Figure 4. Effects of GluN2B-S810R on NMDAR-mediated EPSCs, dendritic spine density, cerebral glucose metabolism, behaviors, and seizure threshold.

(A) Representative CA1 pyramidal cells that were filled with dye following patch clamp recording. (B) Representative evoked NMDAR-mediated EPSCs were recorded in CA1 pyramidal cells in response to Schaffer collateral stimulation in the presence of the AMPA receptor antagonist NBQX and reduced extracellular Mg²⁺ (0.2 mM). (C) Input-output curve for stimulus intensity vs the amplitude of the evoked NMDAR-mediated component of the EPSC (eEPSC) in CA1 pyramidal cells recorded from WT and GluN2B-S810R hippocampal slices. (D) Evoked NMDAR-mediated EPSC amplitude for WT and GluN2B-S810R CA1 pyramidal cells. (E,F) Dendritic spines in CA1 pyramidal cell by Golgi staining showed a significantly reduced total spine density and mature type mushroom spine in S810R (n = 4 independent experiments). (G,H) Effect of the S810R variant on cerebral glucose metabolism evaluated by dynamic PET scans (FDG). (I,J,K,L,M) Effect of the S810R variant on motor coordination (rotarod; I), locomotion (J), recognition memory (novel object recognition, NOR; K), spatial learning (Y maze; L), and anxiety level (EZM, test; M). (N) Effect of the S810R variant on the seizure threshold (PTZ). MJ: myoclonic jerk, GTCS: generalized tonic colonic seizures; unpaired t-test. * P < 0.05.

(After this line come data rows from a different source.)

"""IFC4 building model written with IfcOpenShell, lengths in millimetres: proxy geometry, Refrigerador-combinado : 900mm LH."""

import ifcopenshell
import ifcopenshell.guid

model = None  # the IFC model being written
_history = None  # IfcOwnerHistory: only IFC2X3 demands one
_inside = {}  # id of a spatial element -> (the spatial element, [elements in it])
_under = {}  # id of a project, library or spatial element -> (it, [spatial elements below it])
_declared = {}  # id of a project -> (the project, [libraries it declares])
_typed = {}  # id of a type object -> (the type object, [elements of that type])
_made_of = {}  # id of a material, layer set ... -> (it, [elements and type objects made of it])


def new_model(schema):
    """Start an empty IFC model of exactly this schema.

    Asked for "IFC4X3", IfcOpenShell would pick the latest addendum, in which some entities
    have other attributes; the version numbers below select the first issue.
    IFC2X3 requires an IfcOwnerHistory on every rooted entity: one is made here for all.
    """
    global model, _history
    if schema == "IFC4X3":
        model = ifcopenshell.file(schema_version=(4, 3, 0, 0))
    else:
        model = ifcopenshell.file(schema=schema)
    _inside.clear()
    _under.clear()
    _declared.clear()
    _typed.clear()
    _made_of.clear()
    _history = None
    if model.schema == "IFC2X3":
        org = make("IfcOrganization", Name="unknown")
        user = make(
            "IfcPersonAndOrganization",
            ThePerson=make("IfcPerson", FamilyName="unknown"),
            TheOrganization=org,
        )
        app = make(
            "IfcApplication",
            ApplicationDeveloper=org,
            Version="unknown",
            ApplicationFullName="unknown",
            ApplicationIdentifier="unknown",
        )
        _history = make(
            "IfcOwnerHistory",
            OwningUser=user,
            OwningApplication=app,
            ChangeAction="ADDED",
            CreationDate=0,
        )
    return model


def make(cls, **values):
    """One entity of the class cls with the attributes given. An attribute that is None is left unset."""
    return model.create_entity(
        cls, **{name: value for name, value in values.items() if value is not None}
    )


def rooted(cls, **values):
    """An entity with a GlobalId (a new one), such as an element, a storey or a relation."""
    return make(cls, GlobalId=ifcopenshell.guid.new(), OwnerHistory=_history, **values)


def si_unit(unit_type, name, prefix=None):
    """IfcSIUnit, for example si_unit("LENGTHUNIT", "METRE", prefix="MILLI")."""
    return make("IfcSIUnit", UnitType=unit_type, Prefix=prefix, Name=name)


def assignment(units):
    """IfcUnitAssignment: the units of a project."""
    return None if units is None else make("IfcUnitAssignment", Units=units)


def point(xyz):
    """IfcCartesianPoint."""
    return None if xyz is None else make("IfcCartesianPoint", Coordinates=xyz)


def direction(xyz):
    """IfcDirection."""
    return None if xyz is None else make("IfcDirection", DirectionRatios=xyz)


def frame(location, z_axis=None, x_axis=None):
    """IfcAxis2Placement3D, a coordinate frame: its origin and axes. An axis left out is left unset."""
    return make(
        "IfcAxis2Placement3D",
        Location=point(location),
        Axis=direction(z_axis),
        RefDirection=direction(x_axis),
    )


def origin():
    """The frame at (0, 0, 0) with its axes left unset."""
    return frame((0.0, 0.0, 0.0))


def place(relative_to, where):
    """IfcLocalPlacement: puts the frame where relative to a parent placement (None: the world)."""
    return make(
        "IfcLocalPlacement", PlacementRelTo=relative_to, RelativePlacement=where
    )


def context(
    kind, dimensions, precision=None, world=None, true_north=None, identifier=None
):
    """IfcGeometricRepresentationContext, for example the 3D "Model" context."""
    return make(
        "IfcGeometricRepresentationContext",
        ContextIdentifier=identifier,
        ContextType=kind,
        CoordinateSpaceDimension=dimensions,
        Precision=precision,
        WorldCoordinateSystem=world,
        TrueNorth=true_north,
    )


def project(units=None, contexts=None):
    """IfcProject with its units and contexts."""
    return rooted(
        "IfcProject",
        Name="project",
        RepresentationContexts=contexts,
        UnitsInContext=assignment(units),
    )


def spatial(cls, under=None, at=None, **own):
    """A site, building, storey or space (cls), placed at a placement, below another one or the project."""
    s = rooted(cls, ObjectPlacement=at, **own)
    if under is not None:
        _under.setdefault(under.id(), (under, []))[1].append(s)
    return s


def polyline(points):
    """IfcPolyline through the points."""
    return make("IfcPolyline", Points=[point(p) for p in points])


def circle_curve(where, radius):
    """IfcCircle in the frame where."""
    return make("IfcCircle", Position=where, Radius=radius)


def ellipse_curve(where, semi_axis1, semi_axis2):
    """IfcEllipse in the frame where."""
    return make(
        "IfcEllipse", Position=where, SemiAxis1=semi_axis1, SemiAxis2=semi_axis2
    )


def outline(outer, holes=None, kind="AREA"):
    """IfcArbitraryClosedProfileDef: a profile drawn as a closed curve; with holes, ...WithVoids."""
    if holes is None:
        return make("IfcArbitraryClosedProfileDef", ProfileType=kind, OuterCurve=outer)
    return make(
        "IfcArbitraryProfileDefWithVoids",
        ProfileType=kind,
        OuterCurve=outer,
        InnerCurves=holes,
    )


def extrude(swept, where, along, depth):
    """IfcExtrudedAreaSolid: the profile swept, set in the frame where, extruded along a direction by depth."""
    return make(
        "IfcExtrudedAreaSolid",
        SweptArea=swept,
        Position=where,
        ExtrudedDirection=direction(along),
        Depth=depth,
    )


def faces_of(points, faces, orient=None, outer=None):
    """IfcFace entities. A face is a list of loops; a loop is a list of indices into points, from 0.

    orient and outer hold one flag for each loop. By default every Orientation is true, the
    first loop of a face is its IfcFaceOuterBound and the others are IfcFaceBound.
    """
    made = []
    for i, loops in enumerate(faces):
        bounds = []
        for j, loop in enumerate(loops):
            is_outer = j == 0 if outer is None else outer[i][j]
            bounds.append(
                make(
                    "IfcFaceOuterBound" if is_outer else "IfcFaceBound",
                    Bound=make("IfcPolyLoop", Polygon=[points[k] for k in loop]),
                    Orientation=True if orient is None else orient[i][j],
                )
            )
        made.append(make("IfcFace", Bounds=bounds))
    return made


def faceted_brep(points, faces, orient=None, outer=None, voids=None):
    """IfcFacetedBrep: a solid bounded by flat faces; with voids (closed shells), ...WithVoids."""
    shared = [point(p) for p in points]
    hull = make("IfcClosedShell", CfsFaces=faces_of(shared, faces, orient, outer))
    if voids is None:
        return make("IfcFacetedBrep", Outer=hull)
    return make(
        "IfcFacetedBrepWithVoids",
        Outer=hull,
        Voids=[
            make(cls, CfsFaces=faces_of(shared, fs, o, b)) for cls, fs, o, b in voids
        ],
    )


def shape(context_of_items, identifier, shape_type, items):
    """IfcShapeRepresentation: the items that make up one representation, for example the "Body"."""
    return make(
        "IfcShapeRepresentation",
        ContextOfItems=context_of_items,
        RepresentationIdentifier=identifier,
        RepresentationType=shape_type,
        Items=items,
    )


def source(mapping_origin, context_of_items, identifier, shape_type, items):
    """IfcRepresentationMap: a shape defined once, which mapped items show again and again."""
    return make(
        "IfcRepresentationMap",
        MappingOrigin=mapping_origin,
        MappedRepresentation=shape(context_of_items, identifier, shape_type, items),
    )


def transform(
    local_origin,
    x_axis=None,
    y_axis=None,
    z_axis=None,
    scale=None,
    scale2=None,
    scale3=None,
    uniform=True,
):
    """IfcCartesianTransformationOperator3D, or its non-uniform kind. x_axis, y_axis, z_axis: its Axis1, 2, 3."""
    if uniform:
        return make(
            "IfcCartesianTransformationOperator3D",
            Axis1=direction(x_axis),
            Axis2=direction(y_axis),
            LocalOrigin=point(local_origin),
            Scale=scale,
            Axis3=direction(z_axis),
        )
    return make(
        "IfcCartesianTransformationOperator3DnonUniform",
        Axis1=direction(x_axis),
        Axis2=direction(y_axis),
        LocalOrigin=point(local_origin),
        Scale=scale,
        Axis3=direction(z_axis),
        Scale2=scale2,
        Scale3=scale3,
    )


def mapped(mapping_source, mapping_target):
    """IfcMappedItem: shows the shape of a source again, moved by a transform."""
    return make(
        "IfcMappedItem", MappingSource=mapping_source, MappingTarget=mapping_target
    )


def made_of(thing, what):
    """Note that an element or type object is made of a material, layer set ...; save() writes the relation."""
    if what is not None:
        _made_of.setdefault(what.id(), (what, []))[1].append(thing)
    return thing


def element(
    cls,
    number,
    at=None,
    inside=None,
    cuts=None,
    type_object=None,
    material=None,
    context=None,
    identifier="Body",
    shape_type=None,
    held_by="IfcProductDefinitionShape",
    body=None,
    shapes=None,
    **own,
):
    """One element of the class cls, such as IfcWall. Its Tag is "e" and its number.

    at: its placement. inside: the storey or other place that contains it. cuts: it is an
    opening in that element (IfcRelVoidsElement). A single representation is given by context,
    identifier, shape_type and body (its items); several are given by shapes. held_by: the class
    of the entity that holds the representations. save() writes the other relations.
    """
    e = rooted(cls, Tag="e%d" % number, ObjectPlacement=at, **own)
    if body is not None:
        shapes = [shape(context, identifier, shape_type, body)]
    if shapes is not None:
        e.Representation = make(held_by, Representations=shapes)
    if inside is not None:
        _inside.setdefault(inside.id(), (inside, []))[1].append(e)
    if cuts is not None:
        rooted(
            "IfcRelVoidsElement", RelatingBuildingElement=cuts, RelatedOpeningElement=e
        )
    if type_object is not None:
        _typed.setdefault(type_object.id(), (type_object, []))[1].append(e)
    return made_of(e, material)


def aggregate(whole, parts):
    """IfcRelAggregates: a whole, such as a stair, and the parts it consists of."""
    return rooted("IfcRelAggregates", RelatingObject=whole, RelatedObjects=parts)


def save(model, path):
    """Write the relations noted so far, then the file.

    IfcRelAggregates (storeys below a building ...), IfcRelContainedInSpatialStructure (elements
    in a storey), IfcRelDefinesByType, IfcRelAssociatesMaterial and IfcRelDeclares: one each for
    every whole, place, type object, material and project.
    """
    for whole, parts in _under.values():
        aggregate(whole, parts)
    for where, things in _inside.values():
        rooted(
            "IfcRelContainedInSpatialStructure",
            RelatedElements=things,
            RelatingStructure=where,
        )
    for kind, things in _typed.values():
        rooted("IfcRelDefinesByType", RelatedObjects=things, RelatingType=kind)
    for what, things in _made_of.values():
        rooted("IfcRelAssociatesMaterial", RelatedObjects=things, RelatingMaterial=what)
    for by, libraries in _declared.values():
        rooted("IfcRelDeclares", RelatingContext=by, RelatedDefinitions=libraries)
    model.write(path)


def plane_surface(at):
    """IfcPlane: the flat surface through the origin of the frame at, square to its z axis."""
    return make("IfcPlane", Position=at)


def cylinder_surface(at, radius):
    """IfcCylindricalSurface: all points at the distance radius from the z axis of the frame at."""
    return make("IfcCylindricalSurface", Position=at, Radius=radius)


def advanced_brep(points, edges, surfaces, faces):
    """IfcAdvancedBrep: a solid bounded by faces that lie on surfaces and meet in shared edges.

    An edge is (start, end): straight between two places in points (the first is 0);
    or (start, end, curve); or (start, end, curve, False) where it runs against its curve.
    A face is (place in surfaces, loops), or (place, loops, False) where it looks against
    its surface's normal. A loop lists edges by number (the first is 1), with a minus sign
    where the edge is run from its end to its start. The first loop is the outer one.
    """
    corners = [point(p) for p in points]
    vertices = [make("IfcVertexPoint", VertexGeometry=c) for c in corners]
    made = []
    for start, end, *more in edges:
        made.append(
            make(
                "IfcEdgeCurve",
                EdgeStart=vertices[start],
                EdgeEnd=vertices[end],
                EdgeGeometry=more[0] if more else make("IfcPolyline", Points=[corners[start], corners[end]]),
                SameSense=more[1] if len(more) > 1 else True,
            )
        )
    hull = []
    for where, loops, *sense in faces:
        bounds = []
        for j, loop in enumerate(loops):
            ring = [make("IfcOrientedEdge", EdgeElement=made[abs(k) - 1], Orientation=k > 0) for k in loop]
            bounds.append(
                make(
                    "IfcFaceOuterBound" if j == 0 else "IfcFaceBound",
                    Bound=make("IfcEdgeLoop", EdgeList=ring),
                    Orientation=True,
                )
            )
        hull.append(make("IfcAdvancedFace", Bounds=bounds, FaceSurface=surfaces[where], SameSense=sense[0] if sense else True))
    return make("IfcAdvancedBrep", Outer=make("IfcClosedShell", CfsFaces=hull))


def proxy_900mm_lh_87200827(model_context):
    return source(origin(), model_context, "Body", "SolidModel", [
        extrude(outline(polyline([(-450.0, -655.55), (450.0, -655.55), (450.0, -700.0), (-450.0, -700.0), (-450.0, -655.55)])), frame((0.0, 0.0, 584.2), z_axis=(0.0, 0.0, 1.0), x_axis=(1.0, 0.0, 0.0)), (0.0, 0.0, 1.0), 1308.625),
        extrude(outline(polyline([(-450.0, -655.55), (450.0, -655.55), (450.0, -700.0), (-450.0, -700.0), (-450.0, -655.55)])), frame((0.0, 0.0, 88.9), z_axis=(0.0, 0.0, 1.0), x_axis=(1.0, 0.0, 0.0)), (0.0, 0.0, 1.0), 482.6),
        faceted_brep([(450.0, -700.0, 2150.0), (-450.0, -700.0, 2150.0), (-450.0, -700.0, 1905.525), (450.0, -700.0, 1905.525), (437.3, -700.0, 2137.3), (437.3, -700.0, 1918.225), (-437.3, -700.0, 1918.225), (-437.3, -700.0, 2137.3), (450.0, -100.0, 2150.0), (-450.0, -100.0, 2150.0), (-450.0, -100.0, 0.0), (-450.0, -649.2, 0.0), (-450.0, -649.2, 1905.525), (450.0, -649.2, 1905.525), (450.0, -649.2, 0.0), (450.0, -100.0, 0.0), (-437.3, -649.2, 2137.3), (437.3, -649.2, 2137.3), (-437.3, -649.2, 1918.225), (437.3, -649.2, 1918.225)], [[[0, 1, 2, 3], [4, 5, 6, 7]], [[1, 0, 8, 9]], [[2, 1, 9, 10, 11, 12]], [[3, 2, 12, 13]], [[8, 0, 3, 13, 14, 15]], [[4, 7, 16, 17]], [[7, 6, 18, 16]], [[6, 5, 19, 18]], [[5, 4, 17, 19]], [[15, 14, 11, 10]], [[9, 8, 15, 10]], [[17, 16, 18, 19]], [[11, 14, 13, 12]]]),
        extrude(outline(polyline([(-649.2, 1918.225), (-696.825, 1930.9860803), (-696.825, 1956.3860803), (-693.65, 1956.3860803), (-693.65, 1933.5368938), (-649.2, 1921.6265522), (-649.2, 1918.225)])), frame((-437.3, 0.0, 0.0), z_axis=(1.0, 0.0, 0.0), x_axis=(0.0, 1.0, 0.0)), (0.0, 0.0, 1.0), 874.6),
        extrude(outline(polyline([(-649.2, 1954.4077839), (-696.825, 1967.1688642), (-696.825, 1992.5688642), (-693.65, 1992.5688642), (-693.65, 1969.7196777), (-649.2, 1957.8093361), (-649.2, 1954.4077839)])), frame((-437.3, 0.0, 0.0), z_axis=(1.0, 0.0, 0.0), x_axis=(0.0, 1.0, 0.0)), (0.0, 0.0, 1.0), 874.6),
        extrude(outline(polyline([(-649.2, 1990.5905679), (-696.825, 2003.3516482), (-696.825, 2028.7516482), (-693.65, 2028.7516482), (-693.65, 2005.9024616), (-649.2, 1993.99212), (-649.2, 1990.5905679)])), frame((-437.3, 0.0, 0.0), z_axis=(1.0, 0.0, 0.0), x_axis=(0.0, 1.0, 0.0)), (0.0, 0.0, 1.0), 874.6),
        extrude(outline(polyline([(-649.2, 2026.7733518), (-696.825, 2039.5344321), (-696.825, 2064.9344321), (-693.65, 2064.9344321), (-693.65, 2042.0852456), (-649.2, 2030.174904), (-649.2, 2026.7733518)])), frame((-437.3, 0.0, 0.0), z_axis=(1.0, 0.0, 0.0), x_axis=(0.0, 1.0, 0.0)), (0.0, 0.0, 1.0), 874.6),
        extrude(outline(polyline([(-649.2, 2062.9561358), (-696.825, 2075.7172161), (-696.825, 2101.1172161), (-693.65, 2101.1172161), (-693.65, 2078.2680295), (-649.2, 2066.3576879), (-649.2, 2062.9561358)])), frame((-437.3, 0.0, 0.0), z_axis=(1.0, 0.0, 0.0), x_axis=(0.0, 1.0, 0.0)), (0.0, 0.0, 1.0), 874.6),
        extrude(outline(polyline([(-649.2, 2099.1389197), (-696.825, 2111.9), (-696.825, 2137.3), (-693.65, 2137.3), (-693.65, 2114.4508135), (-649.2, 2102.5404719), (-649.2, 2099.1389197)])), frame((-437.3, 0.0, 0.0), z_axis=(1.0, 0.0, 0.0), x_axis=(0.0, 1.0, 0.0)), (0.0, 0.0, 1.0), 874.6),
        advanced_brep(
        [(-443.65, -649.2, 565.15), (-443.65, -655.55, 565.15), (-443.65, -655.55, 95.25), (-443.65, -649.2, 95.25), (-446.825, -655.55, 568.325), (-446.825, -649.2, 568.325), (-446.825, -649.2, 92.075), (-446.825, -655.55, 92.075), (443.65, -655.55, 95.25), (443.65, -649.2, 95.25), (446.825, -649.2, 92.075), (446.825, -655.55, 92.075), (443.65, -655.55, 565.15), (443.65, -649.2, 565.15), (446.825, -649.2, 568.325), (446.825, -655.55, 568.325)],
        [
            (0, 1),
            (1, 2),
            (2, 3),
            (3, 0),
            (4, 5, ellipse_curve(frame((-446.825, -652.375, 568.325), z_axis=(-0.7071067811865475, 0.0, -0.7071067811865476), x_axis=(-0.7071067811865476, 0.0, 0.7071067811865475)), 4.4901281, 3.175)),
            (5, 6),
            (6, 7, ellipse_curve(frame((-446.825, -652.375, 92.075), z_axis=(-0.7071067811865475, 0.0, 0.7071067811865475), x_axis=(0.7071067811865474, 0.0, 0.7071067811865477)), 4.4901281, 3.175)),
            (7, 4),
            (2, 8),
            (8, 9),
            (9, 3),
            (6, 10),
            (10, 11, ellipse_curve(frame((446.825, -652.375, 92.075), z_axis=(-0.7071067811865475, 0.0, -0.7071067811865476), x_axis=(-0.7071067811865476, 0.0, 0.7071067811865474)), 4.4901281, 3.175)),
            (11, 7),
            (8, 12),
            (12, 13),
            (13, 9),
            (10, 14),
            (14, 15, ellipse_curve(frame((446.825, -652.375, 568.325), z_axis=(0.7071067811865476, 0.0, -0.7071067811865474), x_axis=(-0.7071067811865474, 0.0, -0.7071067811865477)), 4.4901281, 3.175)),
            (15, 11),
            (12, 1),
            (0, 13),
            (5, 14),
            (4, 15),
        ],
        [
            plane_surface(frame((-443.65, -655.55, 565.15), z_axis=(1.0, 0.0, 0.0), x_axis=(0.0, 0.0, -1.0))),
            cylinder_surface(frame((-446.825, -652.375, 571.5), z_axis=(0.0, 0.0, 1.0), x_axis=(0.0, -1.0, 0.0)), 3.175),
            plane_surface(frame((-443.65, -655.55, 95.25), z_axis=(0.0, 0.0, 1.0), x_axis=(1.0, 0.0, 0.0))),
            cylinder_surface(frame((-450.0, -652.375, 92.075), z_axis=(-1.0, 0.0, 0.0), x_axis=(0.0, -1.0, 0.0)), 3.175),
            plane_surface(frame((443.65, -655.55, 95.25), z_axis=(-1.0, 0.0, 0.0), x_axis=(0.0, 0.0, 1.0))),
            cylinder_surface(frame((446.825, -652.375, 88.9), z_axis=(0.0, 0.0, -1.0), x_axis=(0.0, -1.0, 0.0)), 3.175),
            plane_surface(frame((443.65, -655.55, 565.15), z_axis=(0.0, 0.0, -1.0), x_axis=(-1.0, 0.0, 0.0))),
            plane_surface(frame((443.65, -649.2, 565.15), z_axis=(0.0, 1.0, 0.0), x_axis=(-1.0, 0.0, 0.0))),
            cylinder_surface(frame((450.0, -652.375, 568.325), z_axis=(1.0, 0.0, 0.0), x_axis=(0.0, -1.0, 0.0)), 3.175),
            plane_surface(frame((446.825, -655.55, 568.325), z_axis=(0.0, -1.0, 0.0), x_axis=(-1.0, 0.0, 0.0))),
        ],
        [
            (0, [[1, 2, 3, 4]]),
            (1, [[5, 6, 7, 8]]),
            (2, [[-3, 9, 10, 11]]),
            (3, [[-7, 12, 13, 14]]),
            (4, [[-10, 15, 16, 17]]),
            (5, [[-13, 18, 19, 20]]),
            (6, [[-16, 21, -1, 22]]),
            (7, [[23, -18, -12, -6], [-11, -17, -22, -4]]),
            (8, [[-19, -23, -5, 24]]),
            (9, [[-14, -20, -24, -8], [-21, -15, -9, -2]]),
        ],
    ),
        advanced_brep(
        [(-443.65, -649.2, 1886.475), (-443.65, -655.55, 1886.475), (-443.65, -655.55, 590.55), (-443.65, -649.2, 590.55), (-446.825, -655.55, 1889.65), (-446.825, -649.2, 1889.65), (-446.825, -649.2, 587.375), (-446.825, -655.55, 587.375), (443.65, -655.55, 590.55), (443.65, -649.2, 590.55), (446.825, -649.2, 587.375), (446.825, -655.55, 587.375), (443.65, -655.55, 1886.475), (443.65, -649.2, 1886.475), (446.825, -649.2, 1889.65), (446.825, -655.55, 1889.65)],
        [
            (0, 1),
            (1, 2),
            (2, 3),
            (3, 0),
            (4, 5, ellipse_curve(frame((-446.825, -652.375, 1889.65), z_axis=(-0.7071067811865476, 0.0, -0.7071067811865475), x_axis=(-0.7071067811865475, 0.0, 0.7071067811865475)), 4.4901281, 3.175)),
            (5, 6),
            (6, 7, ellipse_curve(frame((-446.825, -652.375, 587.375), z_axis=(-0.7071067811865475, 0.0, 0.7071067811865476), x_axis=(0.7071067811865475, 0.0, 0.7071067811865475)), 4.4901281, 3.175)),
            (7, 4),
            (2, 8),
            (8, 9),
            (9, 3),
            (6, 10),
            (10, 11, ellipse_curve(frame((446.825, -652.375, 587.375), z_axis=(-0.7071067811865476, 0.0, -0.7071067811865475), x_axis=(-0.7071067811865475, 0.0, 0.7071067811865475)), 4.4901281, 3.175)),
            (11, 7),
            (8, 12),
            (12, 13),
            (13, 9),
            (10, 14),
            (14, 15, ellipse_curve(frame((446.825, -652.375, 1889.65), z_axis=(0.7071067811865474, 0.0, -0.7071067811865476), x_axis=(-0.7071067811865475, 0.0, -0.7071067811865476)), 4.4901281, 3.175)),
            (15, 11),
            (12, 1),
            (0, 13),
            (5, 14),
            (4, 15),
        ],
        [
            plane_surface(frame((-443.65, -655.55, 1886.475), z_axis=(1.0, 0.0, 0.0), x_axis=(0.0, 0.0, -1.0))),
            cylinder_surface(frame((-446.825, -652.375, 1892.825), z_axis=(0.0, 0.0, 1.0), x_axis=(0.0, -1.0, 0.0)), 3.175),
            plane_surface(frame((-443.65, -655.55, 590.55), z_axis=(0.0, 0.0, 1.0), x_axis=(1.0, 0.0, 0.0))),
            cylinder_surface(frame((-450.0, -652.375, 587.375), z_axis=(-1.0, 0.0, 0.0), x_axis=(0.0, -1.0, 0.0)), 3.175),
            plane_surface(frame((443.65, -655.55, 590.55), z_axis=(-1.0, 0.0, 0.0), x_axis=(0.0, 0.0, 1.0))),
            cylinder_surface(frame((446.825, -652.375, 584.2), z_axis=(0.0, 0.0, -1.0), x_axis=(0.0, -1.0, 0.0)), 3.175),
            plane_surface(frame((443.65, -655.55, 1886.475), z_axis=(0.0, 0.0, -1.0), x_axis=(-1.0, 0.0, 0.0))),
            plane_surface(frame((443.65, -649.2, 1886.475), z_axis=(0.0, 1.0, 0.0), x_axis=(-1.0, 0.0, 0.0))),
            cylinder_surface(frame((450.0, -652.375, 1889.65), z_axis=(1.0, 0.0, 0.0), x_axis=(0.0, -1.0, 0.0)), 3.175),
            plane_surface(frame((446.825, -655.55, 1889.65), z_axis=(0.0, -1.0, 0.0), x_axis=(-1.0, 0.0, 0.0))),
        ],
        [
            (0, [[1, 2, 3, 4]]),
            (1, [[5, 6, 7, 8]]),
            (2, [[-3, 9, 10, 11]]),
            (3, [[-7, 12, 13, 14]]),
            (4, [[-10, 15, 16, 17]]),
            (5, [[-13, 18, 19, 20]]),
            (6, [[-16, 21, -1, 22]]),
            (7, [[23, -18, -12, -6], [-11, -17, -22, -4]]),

Figure 5. Effects of radiprodil and memantine on agonist-evoked GluN2B NMDAR currents, evoked NMDAR-mediated EPSCs, and seizure threshold.

(A,C) Composite concentration-response curves for radiprodil (A) and memantine (C) at a holding potential of −40 mV by the two-electrode voltage clamp current recordings from Xenopus oocytes expressing GluN1/GluN2B and GluN1/GluN2B-S810R. (B,D) Effects of radiprodil (B, 3 μM) and memantine (D, 30 μM) on evoked NMDAR-mediated EPSCs for WT and GluN2B-S810R were recorded from CA1 pyramidal cells in response to Schaffer collateral stimulation in the presence of the AMPA receptor antagonist NBQX (10 μM for GluN2B-S810R) and reduced extracellular Mg²⁺ (0.2 mM). (E,F) Effect of radiprodil (3.0 mg/kg, i.p.) and memantine (20 mg/kg, i.p.) on the latency to myoclonic jerk or generalized tonic-clonic seizures (GTCS) induced by PTZ (40 mg/kg, i.p.).